_WHAT TO PRODUCE_
Search the entries below for "CRANKCASE" and copy each matching line.

_Collected data entries_
⟨

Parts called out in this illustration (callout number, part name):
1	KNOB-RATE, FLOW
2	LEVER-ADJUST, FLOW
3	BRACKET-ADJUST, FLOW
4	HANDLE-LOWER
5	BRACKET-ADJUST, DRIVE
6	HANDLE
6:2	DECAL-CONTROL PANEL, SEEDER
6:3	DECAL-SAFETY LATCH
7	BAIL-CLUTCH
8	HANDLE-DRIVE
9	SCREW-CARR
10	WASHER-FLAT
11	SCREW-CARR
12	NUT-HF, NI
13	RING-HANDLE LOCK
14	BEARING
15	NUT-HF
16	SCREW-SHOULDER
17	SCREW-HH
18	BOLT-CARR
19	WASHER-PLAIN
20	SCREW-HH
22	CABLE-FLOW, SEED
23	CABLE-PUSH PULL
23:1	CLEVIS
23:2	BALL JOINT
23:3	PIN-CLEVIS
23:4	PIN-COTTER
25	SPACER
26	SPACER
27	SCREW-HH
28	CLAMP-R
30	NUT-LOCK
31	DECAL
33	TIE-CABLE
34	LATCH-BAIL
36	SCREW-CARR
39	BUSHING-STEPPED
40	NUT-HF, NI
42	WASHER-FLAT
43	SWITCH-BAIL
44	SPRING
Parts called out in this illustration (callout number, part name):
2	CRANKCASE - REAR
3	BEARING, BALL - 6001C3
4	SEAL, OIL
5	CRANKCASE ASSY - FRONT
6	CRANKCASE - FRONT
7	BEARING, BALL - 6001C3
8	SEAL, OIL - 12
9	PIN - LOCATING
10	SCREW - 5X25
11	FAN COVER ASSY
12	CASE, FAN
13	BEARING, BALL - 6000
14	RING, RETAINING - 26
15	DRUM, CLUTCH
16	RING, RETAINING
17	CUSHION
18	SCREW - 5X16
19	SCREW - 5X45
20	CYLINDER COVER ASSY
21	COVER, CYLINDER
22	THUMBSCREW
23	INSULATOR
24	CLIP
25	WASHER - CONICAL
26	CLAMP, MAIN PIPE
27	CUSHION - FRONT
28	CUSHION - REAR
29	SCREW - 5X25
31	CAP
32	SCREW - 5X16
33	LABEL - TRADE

⟩

_REPLY_
2	CRANKCASE - REAR
5	CRANKCASE ASSY - FRONT
6	CRANKCASE - FRONT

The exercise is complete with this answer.